Do not panic.  You will find another teacher that understands you and your body and your needs.  Pilates Instructors and Personal Trainers all move on for various reasons as do most employees of any industry.  


As a former professional dancer I've had many teachers over the years.  When I was younger in high school and college I wasn't able to choose my teachers.  After graduating from college I was attending open dance classes here in New York City, mostly at Peridance Center, Steps on Broadway, Pilates at Drago's Gym (now known as True Pilates) and The Pilates Studio NY.  I found myself trying every teacher on the schedule that worked with times I was available.  I really enjoyed this process.  I worked with so many different teachers and tried out many different class levels.


I found a core group of teachers that I really enjoyed taking class and privates with.  After speaking with friends we all had different opinions of the same teachers.  Teachers I loved, some of my friends didn't.  Friends that I danced with for years adored a specific teacher that I really didn't enjoy taking ballet from.


As a business owner, I hire and fire instructors.  It is a very difficult process.  When interviewing an instructor not only am I looking for knowledge and high level instruction, but I have to keep in mind all the different personalities that are at the studio.  Not every student will enjoy working with every instructor.  We all have different personalities and bond with different types of people.  


How do you find the right instructor for you?


1.  Does the instructor know the subject they are teaching you?  This is very important.  I can say that all of my employees are very knowledgeable in The Pilates Method of Body Conditioning but that may not be the case in other facilities.  If you are a new student, it may be difficult for you to determine if they know the subject, as you do not know the subject.  However, if you are a long time student,  you can tell within the first 5 minutes if someone knows what they are doing.


2.  Did the instructor speak to you about how you are and how your body is feeling today?  Our bodies are different each day.  Some clients get annoyed when I ask them how they are feeling in their bodies.  A common response is "I don't know" or "It's too early, I just woke up", or "It's the same".  Those 3 statements are given to me by 90% of my clients.  When I take a session (and I do on a regular basis), and a teacher asks me that, I can go into great detail about how my body is doing.  It is very helpful to communicate with your instructors about the things you are feeling in your body.  Something you think is minor, such as you wore high heels all night last night and your low back is achy, is something we need to know.  People are afraid that we will give them a lighter workout if they mention anything they are feeling, when in fact we will adjust the program to make it safe.  Instructors can not read your mind, although we try to read your body and your energy, we can not know what you are thinking or feeling without asking and without you telling us.

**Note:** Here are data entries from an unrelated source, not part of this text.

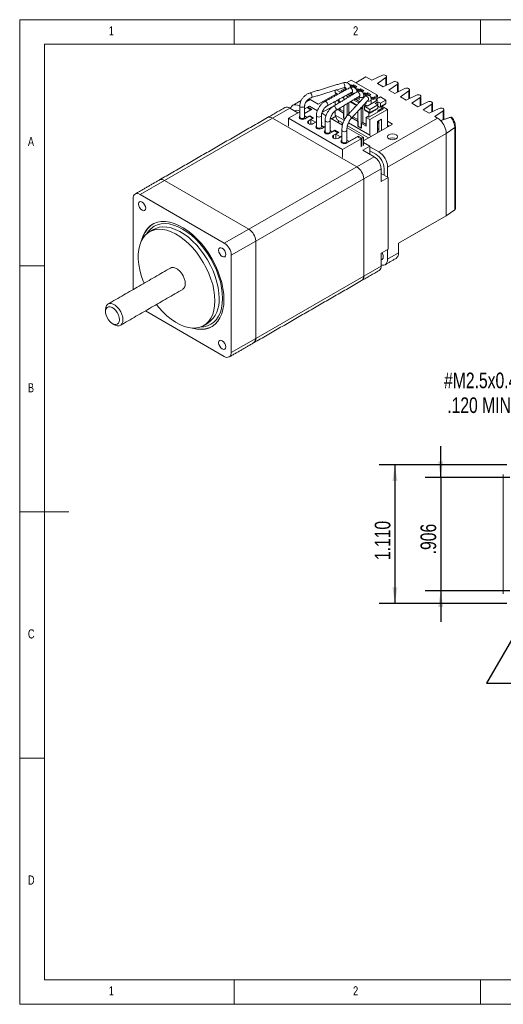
# Model space of a CAD drawing. Header units: inches. Extents: x 0.2 to 11.5, y 0.2 to 8.1.
# Tile 1 of 3: x 0.2 to 4.1, y 0.2 to 8.1. Entities that reach past the tile are written whole.
import ezdxf

# ---------------------------------------------------------------- set-up
doc = ezdxf.new("R2010")
doc.units = ezdxf.units.IN
doc.header["$MEASUREMENT"] = 0
doc.layers.add('FORMAT', color=7, linetype='Continuous')
doc.styles.add('SLDTEXTSTYLE0', font='TXT', dxfattribs={"width": 0.75})
doc.dimstyles.new('SLDDIMSTYLE0', dxfattribs={"dimtxt": 0.125, "dimasz": 0.13, "dimexe": 0, "dimexo": 0.0625, "dimgap": 0.03125, "dimtad": 2, "dimdec": 3, "dimzin": 12, "dimdsep": 46, "dimtxsty": 'Standard', "dimsah": 1, "dimcen": 0.09, "dimadec": 0, "dimazin": 0, "dimtfac": 1, "dimtofl": 0, "dimtmove": 0, "dimatfit": 3, "dimfxl": 0, "dimtolj": 1, "dimtzin": 12, "dimarcsym": 0})
doc.dimstyles.new('SLDDIMSTYLE1', dxfattribs={"dimtxt": 0.125, "dimasz": 0.13, "dimexe": 0, "dimexo": 0.0625, "dimgap": 0.03125, "dimtad": 2, "dimdec": 3, "dimzin": 4, "dimdsep": 46, "dimtxsty": 'Standard', "dimsah": 1, "dimcen": 0.09, "dimadec": 0, "dimazin": 0, "dimtfac": 1, "dimtofl": 0, "dimtmove": 0, "dimatfit": 3, "dimfxl": 0, "dimtolj": 1, "dimtzin": 12, "dimarcsym": 0})
doc.dimstyles.new('SLDDIMSTYLE2', dxfattribs={"dimtxt": 0.125, "dimasz": 0.13, "dimexe": 0, "dimexo": 0.0625, "dimgap": 0.03125, "dimtad": 0, "dimtih": 1, "dimtoh": 1, "dimdec": 3, "dimzin": 12, "dimdsep": 46, "dimtxsty": 'Standard', "dimsah": 1, "dimcen": 0.09, "dimadec": 0, "dimazin": 0, "dimtol": 1, "dimtm": 0.005, "dimtfac": 1, "dimtdec": 3, "dimtmove": 0, "dimatfit": 2, "dimfxl": 0, "dimtolj": 1, "dimtzin": 4, "dimarcsym": 0})
doc.dimstyles.new('SLDDIMSTYLE3', dxfattribs={"dimtxt": 0.125, "dimasz": 0.13, "dimexe": 0, "dimexo": 0.0625, "dimgap": 0.03125, "dimtad": 0, "dimtih": 1, "dimtoh": 1, "dimzin": 12, "dimdsep": 46, "dimtxsty": 'Standard', "dimsah": 1, "dimcen": 0.09, "dimadec": 0, "dimazin": 0, "dimtfac": 1, "dimtmove": 0, "dimatfit": 2, "dimfxl": 0, "dimtolj": 1, "dimtzin": 12, "dimarcsym": 0})

# ---------------------------------------------------------------- blocks, each defined once
blk = doc.blocks.new('*D3')
at = {"layer": 'FORMAT'}
for p, q in [((3.5607, 4.4098), (3.5607, 4.6598)), ((4.1134, 4.4098), (3.4357, 4.4098)), ((3.5607, 4.4098), (3.5607, 3.5042)), ((4.1134, 3.5042), (3.4357, 3.5042)), ((3.5607, 3.5042), (3.5607, 3.2542))]:
    blk.add_line(p, q, dxfattribs=at)
for points in [[(3.5607, 4.4098), (3.5807, 4.5398), (3.5407, 4.5398)], [(3.5607, 3.5042), (3.5407, 3.3742), (3.5807, 3.3742)]]:
    blk.add_solid(points, dxfattribs=at)
at = {"layer": 'FORMAT', "insert": (3.3996, 3.7954), "char_height": 0.125, "attachment_point": 1, "rotation": 90, "style": 'SLDTEXTSTYLE0'}
blk.add_mtext('.906', dxfattribs=at)
blk = doc.blocks.new('*D4')
at = {"layer": 'FORMAT'}
for p, q in [((4.0898, 4.5121), (3.0699, 4.5121)), ((3.1949, 4.5121), (3.1949, 3.4019)), ((4.0898, 3.4019), (3.0699, 3.4019))]:
    blk.add_line(p, q, dxfattribs=at)
for points in [[(3.1949, 4.5121), (3.1749, 4.3821), (3.2149, 4.3821)], [(3.1949, 3.4019), (3.2149, 3.5319), (3.1749, 3.5319)]]:
    blk.add_solid(points, dxfattribs=at)
at = {"layer": 'FORMAT', "insert": (3.0338, 3.7492), "char_height": 0.125, "attachment_point": 1, "rotation": 90, "style": 'SLDTEXTSTYLE0'}
blk.add_mtext('1.110', dxfattribs=at)
blk = doc.blocks.new('*D5')
at = {"layer": 'FORMAT'}
for p, q in [((4.3993, 3.5822), (3.9266, 2.7653)), ((3.9266, 2.7653), (4.1766, 2.7653))]:
    blk.add_line(p, q, dxfattribs=at)
blk.add_solid([(4.3993, 3.5822), (4.3168, 3.4797), (4.3515, 3.4596)], dxfattribs=at)
at = {"layer": 'FORMAT', "char_height": 0.125, "attachment_point": 1, "style": 'SLDTEXTSTYLE0'}
for s, insert in [('.000', (4.8518, 2.9265)), ('+', (4.7508, 2.9265)), ('%%c', (4.2391, 2.8273)), ('.866', (4.4276, 2.8273)), ('.005', (4.8518, 2.7281)), ('-', (4.7737, 2.7281))]:
    blk.add_mtext(s, dxfattribs=dict(at, insert=insert))
blk = doc.blocks.new('*D6')
at = {"layer": 'FORMAT'}
for p, q in [((5.0891, 4.4447), (5.4607, 5.0879)), ((5.4607, 5.0879), (5.2107, 5.0879))]:
    blk.add_line(p, q, dxfattribs=at)
blk.add_solid([(5.0891, 4.4447), (5.1715, 4.5473), (5.1368, 4.5673)], dxfattribs=at)
at = {"layer": 'FORMAT', "char_height": 0.125, "attachment_point": 1, "style": 'SLDTEXTSTYLE0'}
for s, insert in [('#M2.5x0.45 THREAD', (3.5877, 5.249)), ('.120 MIN DEEP (4X)', (3.6132, 5.0506))]:
    blk.add_mtext(s, dxfattribs=dict(at, insert=insert))

msp = doc.modelspace()

# ---------------------------------------------------------------- linework, layer by layer
at = {"color": 7, "linetype": 'Continuous', "lineweight": 0}
for p, q in [((11.4961, 8.0709), (0.1969, 8.0709)), ((0.1969, 8.0709), (0.1969, 0.1969)), ((1.9094, 7.874), (1.9094, 8.0709)), ((3.878, 8.0709), (3.878, 7.874)), ((11.2992, 7.874), (0.3937, 7.874)), ((0.3937, 7.874), (0.3937, 0.3937)), ((0.3937, 6.1024), (0.1969, 6.1024)), ((0.1969, 4.1339), (0.5906, 4.1339)), ((0.3937, 2.1654), (0.1969, 2.1654)), ((0.3937, 0.3937), (4.126, 0.3937)), ((1.9094, 0.1969), (1.9094, 0.3937)), ((3.878, 0.3937), (3.878, 0.1969)), ((0.1969, 0.1969), (11.4961, 0.1969))]:
    msp.add_line(p, q, dxfattribs=at)
at = {"color": 7, "linetype": 'Continuous', "lineweight": 15}
for p, q in [((2.808, 7.5672), (2.8446, 7.5883)), ((2.8446, 7.5883), (3.0555, 7.4666)), ((2.9634, 7.6142), (2.8816, 7.567)), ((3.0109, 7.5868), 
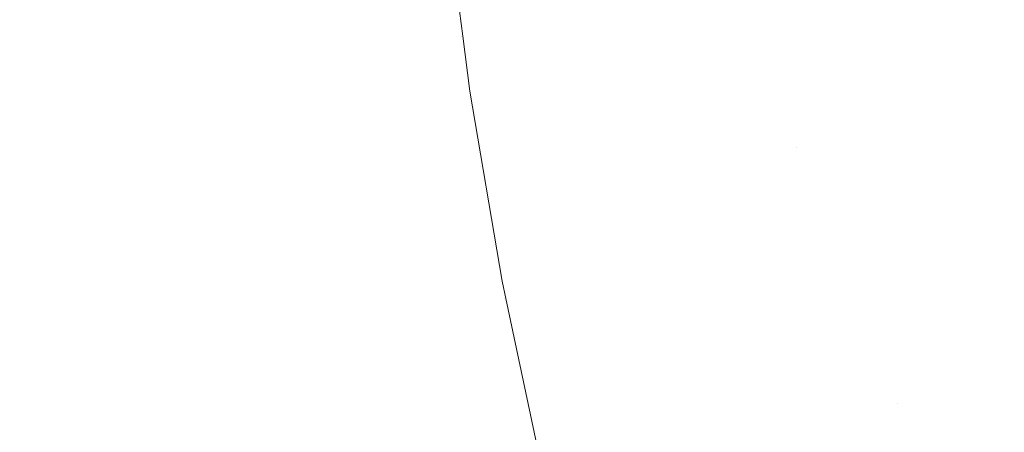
# Model space of a CAD drawing. Header units: centimetres. Extents: x -44.1 to 45.2, y 4.2 to 6.
# Tile 148 of 256: x -14.1069 to -14.0812, y 4.6737 to 4.6844. Entities that reach past the tile are written whole.
import ezdxf

# ---------------------------------------------------------------- set-up
doc = ezdxf.new("R2010")
doc.units = ezdxf.units.CM
doc.header["$LTSCALE"] = 2.54
doc.layers.add('Lucido design-1', color=7, linetype='Continuous')

# ---------------------------------------------------------------- blocks, each defined once
blk = doc.blocks.new('Gruppo-4-1')
at = {"color": 7, "linetype": 'Continuous', "lineweight": 9}
blk.add_3dface([(-43.918995, 5.900212, -2276.22217), (-43.918995, 4.300212, -2276.22217), (45.04592, 4.300212, -2276.22217), (45.04592, 5.900212, -2276.22217)], dxfattribs=at)
for points, invisible_edges in [([(-14.089474, 4.684266, -2276.695821), (-14.089994, 4.68424, -2276.696987), (-14.090396, 4.68753, -2276.696987), (-14.089876, 4.68755, -2276.695821)], 15), ([(-14.089876, 4.68755, -2276.695821), (-14.089331, 4.687571, -2276.694654), (-14.08893, 4.684292, -2276.694654), (-14.089474, 4.684266, -2276.695821)], 15), ([(-14.088359, 4.68432, -2276.693488), (-14.08893, 4.684292, -2276.694654), (-14.089331, 4.687571, -2276.694654), (-14.08876, 4.687593, -2276.693488)], 15), ([(-14.08876, 4.687593, -2276.693488), (-14.088163, 4.687616, -2276.692323), (-14.087764, 4.684349, -2276.692323), (-14.088359, 4.68432, -2276.693488)], 15), ([(-14.087764, 4.684349, -2276.692323), (-14.088163, 4.687616, -2276.692323), (-14.086894, 4.687665, -2276.689995), (-14.086496, 4.68441, -2276.689995)], 15), ([(-14.086496, 4.68441, -2276.689995), (-14.086894, 4.687665, -2276.689995), (-14.085521, 4.687718, -2276.687674), (-14.085125, 4.684477, -2276.687674)], 15), ([(-14.09649, 4.683925, -2276.933702), (-14.0969, 4.687279, -2276.933702), (-14.096591, 4.687291, -2276.931982), (-14.096181, 4.683939, -2276.931982)], 15), ([(-14.096181, 4.683939, -2276.931982), (-14.096591, 4.687291, -2276.931982), (-14.096336, 4.687301, -2276.930287), (-14.095926, 4.683952, -2276.930287)], 15), ([(-14.095926, 4.683952, -2276.930287), (-14.096336, 4.687301, -2276.930287), (-14.096132, 4.687309, -2276.928615), (-14.095723, 4.683962, -2276.928615)], 15), ([(-14.095723, 4.683962, -2276.928615), (-14.096132, 4.687309, -2276.928615), (-14.095977, 4.687315, -2276.926967), (-14.095568, 4.683969, -2276.926967)], 15), ([(-14.095568, 4.683969, -2276.926967), (-14.095977, 4.687315, -2276.926967), (-14.095869, 4.687319, -2276.925344), (-14.09546, 4.683975, -2276.925344)], 15), ([(-14.09546, 4.683975, -2276.925344), (-14.095869, 4.687319, -2276.925344), (-14.095805, 4.687321, -2276.923745), (-14.095396, 4.683978, -2276.923745)], 15), ([(-14.095396, 4.683978, -2276.923745), (-14.095805, 4.687321, -2276.923745), (-14.095799, 4.687462, -2276.92217), (-14.095355, 4.683981, -2276.92217)], 11), ([(-14.095355, 4.683981, -2276.92217), (-14.095799, 4.687462, -2276.92217), (-14.095799, 4.687462, -2276.72217), (-14.095355, 4.683981, -2276.72217)], 10), ([(-14.095365, 4.683979, -2276.721063), (-14.095355, 4.683981, -2276.72217), (-14.095799, 4.687462, -2276.72217), (-14.095774, 4.687323, -2276.721063)], 13), ([(-14.095774, 4.687323, -2276.721063), (-14.095743, 4.687324, -2276.71995), (-14.095334, 4.683981, -2276.71995), (-14.095365, 4.683979, -2276.721063)], 15), ([(-14.095283, 4.683983, -2276.718833), (-14.095334, 4.683981, -2276.71995), (-14.095743, 4.687324, -2276.71995), (-14.095691, 4.687326, -2276.718833)], 15), ([(-14.095691, 4.687326, -2276.718833), (-14.095618, 4.687329, -2276.717712), (-14.095209, 4.683987, -2276.717712), (-14.095283, 4.683983, -2276.718833)], 15), ([(-14.095115, 4.683991, -2276.716586), (-14.095209, 4.683987, -2276.717712), (-14.095618, 4.687329, -2276.717712), (-14.095524, 4.687332, -2276.716586)], 15), ([(-14.095524, 4.687332, -2276.716586), (-14.095407, 4.687337, -2276.715456), (-14.094999, 4.683997, -2276.715456), (-14.095115, 4.683991, -2276.716586)], 15), ([(-14.09486, 4.684004, -2276.714322), (-14.094999, 4.683997, -2276.715456), (-14.095407, 4.687337, -2276.715456), (-14.095269, 4.687342, -2276.714322)], 15), ([(-14.095269, 4.687342, -2276.714322), (-14.095108, 4.687348, -2276.713185), (-14.0947, 4.684012, -2276.713185), (-14.09486, 4.684004, -2276.714322)], 15), ([(-14.094517, 4.68402, -2276.712043), (-14.0947, 4.684012, -2276.713185), (-14.095108, 4.687348, -2276.713185), (-14.094925, 4.687355, -2276.712043)], 15), ([(-14.094925, 4.687355, -2276.712043), (-14.094719, 4.687363, -2276.710899), (-14.094311, 4.68403, -2276.710899), (-14.094517, 4.68402, -2276.712043)], 15), ([(-14.094083, 4.684042, -2276.709751), (-14.094311, 4.68403, -2276.710899), (-14.094719, 4.687363, -2276.710899), (-14.09449, 4.687372, -2276.709751)], 15), ([(-14.09449, 4.687372, -2276.709751), (-14.094238, 4.687382, -2276.7086), (-14.093831, 4.684054, -2276.7086), (-14.094083, 4.684042, -2276.709751)], 15), ([(-14.093556, 4.684067, -2276.707447), (-14.093831, 4.684054, -2276.7086), (-14.094238, 4.687382, -2276.7086), (-14.093962, 4.687392, -2276.707447)], 15), ([(-14.093962, 4.687392, -2276.707447), (-14.093663, 4.687404, -2276.706291), (-14.093257, 4.684082, -2276.706291), (-14.093556, 4.684067, -2276.707447)], 15), ([(-14.092934, 4.684097, -2276.705134), (-14.093257, 4.684082, -2276.706291), (-14.093663, 4.687404, -2276.706291), (-14.09334, 4.687416, -2276.705134)], 15), ([(-14.09334, 4.687416, -2276.705134), (-14.092993, 4.68743, -2276.703974), (-14.092588, 4.684114, -2276.703974), (-14.092934, 4.684097, -2276.705134)], 15), ([(-14.092217, 4.684132, -2276.702812), (-14.092588, 4.684114, -2276.703974), (-14.092993, 4.68743, -2276.703974), (-14.092622, 4.687444, -2276.702812)], 15), ([(-14.092622, 4.687444, -2276.702812), (-14.092226, 4.687459, -2276.701649), (-14.091822, 4.684151, -2276.701649), (-14.092217, 4.684132, -2276.702812)], 15), ([(-14.091402, 4.684172, -2276.700485), (-14.091822, 4.684151, -2276.701649), (-14.092226, 4.687459, -2276.701649), (-14.091806, 4.687476, -2276.700485)], 15), ([(-14.091806, 4.687476, -2276.700485), (-14.091361, 4.687493, -2276.699319), (-14.090957, 4.684193, -2276.699319), (-14.091402, 4.684172, -2276.700485)], 15), ([(-14.090488, 4.684216, -2276.698154), (-14.090957, 4.684193, -2276.699319), (-14.091361, 4.687493, -2276.699319), (-14.090891, 4.687511, -2276.698154)], 15), ([(-14.090891, 4.687511, -2276.698154), (-14.090396, 4.68753, -2276.696987), (-14.089994, 4.68424, -2276.696987), (-14.090488, 4.684216, -2276.698154)], 15), ([(-14.104085, 4.683555, -2276.954044), (-14.104505, 4.686986, -2276.954044), (-14.103448, 4.687027, -2276.952099), (-14.10303, 4.683607, -2276.952099)], 15), ([(-14.10303, 4.683607, -2276.952099), (-14.103448, 4.687027, -2276.952099), (-14.102472, 4.687064, -2276.95017), (-14.102055, 4.683654, -2276.95017)], 15), ([(-14.102055, 4.683654, -2276.95017), (-14.102472, 4.687064, -2276.95017), (-14.101575, 4.687099, -2276.948259), (-14.101159, 4.683698, -2276.948259)], 15), ([(-14.101159, 4.683698, -2276.948259), (-14.101575, 4.687099, -2276.948259), (-14.100753, 4.687131, -2276.946366), (-14.100338, 4.683737, -2276.946366)], 15), ([(-14.100338, 4.683737, -2276.946366), (-14.100753, 4.687131, -2276.946366), (-14.100004, 4.68716, -2276.944493), (-14.09959, 4.683774, -2276.944493)], 15), ([(-14.09959, 4.683774, -2276.944493), (-14.100004, 4.68716, -2276.944493), (-14.099325, 4.687186, -2276.942641), (-14.098912, 4.683807, -2276.942641)], 15), ([(-14.098912, 4.683807, -2276.942641), (-14.099325, 4.687186, -2276.942641), (-14.098714, 4.687209, -2276.940809), (-14.098302, 4.683836, -2276.940809)], 15), ([(-14.098302, 4.683836, -2276.940809), (-14.098714, 4.687209, -2276.940809), (-14.098169, 4.68723, -2276.938998), (-14.097757, 4.683863, -2276.938998)], 15), ([(-14.097757, 4.683863, -2276.938998), (-14.098169, 4.68723, -2276.938998), (-14.097686, 4.687249, -2276.93721), (-14.097275, 4.683886, -2276.93721)], 15), ([(-14.097275, 4.683886, -2276.93721), (-14.097686, 4.687249, -2276.93721), (-14.097264, 4.687265, -2276.935444), (-14.096853, 4.683907, -2276.935444)], 15), ([(-14.096853, 4.683907, -2276.935444), (-14.097264, 4.687265, -2276.935444), (-14.0969, 4.687279, -2276.933702), (-14.09649, 4.683925, -2276.933702)], 15), ([(-14.107763, 4.683377, -2276.959966), (-14.108187, 4.686844, -2276.959966), (-14.106872, 4.686895, -2276.957979), (-14.106449, 4.68344, -2276.957979)], 15), ([(-14.106449, 4.68344, -2276.957979), (-14.106872, 4.686895, -2276.957979), (-14.105645, 4.686942, -2276.956004), (-14.105224, 4.6835, -2276.956004)], 15), ([(-14.105224, 4.6835, -2276.956004), (-14.105645, 4.686942, -2276.956004), (-14.104505, 4.686986, -2276.954044), (-14.104085, 4.683555, -2276.954044)], 15), ([(-14.085125, 4.684477, -2276.687674), (-14.084629, 4.68119, -2276.687674), (-14.085998, 4.681109, -2276.689995), (-14.086496, 4.68441, -2276.689995)], 15), ([(-14.083651, 4.684549, -2276.68536), (-14.083157, 4.681276, -2276.68536), (-14.084629, 4.68119, -2276.687674), (-14.085125, 4.684477, -2276.687674)], 15), ([(-14.082073, 4.684625, -2276.683058), (-14.081582, 4.681369, -2276.683058), (-14.083157, 4.681276, -2276.68536), (-14.083651, 4.684549, -2276.68536)], 15), ([(-14.080392, 4.684707, -2276.680769), (-14.079904, 4.681468, -2276.680769), (-14.081582, 4.681369, -2276.683058), (-14.082073, 4.684625, -2276.683058)], 15), ([(-14.089984, 4.680875, -2276.698154), (-14.090453, 4.680847, -2276.699319), (-14.090957, 4.684193, -2276.699319), (-14.090488, 4.684216, -2276.698154)], 15), ([(-14.090488, 4.684216, -2276.698154), (-14.089994, 4.68424, -2276.696987), (-14.089491, 4.680904, -2276.696987), (-14.089984, 4.680875, -2276.698154)], 15), ([(-14.088972, 4.680934, -2276.695821), (-14.089491, 4.680904, -2276.696987), (-14.089994, 4.68424, -2276.696987), (-14.089474, 4.684266, -2276.695821)], 15), ([(-14.089474, 4.684266, -2276.695821), (-14.08893, 4.684292, -2276.694654), (-14.088428, 4.680966, -2276.694654), (-14.088972, 4.680934, -2276.695821)], 15), ([(-14.087859, 4.681, -2276.693488), (-14.088428, 4.680966, -2276.694654), (-14.08893, 4.684292, -2276.694654), (-14.088359, 4.68432, -2276.693488)], 15), ([(-14.088359, 4.68432, -2276.693488), (-14.087764, 4.684349, -2276.692323), (-14.087264, 4.681035, -2276.692323), (-14.087859, 4.681, -2276.693488)], 15), ([(-14.086644, 4.681071, -2276.691158), (-14.087264, 4.681035, -2276.692323), (-14.087764, 4.684349, -2276.692323), (-14.086496, 4.68441, -2276.689995)], 15), ([(-14.086496, 4.68441, -2276.689995), (-14.085998, 4.681109, -2276.689995), (-14.086644, 4.681071, -2276.691158)], 11), ([(-14.095926, 4.683952, -2276.930287), (-14.095414, 4.680555, -2276.930287), (-14.095669, 4.68054, -2276.931982), (-14.096181, 4.683939, -2276.931982)], 15), ([(-14.095723, 4.683962, -2276.928615), (-14.095211, 4.680567, -2276.928615), (-14.095414, 4.680555, -2276.930287), (-14.095926, 4.683952, -2276.930287)], 15), ([(-14.095568, 4.683969, -2276.926967), (-14.095056, 4.680576, -2276.926967), (-14.095211, 4.680567, -2276.928615), (-14.095723, 4.683962, -2276.928615)], 15), ([(-14.09546, 4.683975, -2276.925344), (-14.094948, 4.680582, -2276.925344), (-14.095056, 4.680576, -2276.926967), (-14.095568, 4.683969, -2276.926967)], 15), ([(-14.095396, 4.683978, -2276.923745), (-14.094885, 4.680586, -2276.923745), (-14.094948, 4.680582, -2276.925344), (-14.09546, 4.683975, -2276.925344)], 15), ([(-14.095396, 4.683978, -2276.923745), (-14.095355, 4.683981, -2276.92217), (-14.095172, 4.68255, -2276.92217)], 9), ([(-14.095172, 4.68255, -2276.92217), (-14.094885, 4.680586, -2276.923745), (-14.095396, 4.683978, -2276.923745)], 11), ([(-14.095365, 4.683979, -2276.721063), (-14.095334, 4.683981, -2276.71995), (-14.094823, 4.68059, -2276.71995), (-14.094854, 4.680588, -2276.721063)], 15), ([(-14.095172, 4.68255, -2276.72217), (-14.095355, 4.683981, -2276.72217), (-14.095365, 4.683979, -2276.721063)], 10), ([(-14.095365, 4.683979, -2276.721063), (-14.094854, 4.680588, -2276.721063), (-14.095172, 4.68255, -2276.72217)], 11), ([(-14.095355, 4.683981, -2276.72217), (-14.095172, 4.68255, -2276.72217), (-14.095172, 4.68255, -2276.92217), (-14.095355, 4.683981, -2276.92217)], 10), ([(-14.094771, 4.680593, -2276.718833), (-14.094823, 4.68059, -2276.71995), (-14.095334, 4.683981, -2276.71995), (-14.095283, 4.683983, -2276.718833)], 15), ([(-14.095283, 4.683983, -2276.718833), (-14.095209, 4.683987, -2276.717712), (-14.094698, 4.680597, -2276.717712), (-14.094771, 4.680593, -2276.718833)], 15), ([(-14.094604, 4.680603, -2276.716586), (-14.094698, 4.680597, -2276.717712), (-14.095209, 4.683987, -2276.717712), (-14.095115, 4.683991, -2276.716586)], 15), ([(-14.095115, 4.683991, -2276.716586), (-14.094999, 4.683997, -2276.715456), (-14.094488, 4.680609, -2276.715456), (-14.094604, 4.680603, -2276.716586)], 15), ([(-14.09435, 4.680618, -2276.714322), (-14.094488, 4.680609, -2276.715456), (-14.094999, 4.683997, -2276.715456), (-14.09486, 4.684004, -2276.714322)], 15), ([(-14.09486, 4.684004, -2276.714322), (-14.0947, 4.684012, -2276.713185), (-14.09419, 4.680627, -2276.713185), (-14.09435, 4.680618, -2276.714322)], 15), ([(-14.094007, 4.680638, -2276.712043), (-14.09419, 4.680627, -2276.713185), (-14.0947, 4.684012, -2276.713185), (-14.094517, 4.68402, -2276.712043)], 15), ([(-14.094517, 4.68402, -2276.712043), (-14.094311, 4.68403, -2276.710899), (-14.093802, 4.68065, -2276.710899), (-14.094007, 4.680638, -2276.712043)], 15), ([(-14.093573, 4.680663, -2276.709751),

3.  Do you like the person?  Do you get along on a personal level?  Can you communicate easily with the person and do you feel at ease with this person?  Sometimes, personalities clash and that is okay.  Not everyone gets along.  It would be nice if we lived in a world where we all got along and we all liked each other, but the truth is we do not.  You should work out with someone you like.  Someone you want to show up for, someone you want to do well for, someone you respect.  If you do not feel those things, then find a new teacher.


4.  How do you switch instructors?  Maybe you've had the same instructor for years, but you are now going through a life changing event and you believe that a new teacher would benefit you more.  Changing your schedule and switching teachers can feel like a big problem to most students.  It is not.  Instructors are fully aware that students need different things at different points in their lives and need to hear different opinions.  We encourage clients to workout with others.  Yes, it is a business, but the majority of us really care about the students progress and what is best for them and if switching teachers is best for them, we support it.  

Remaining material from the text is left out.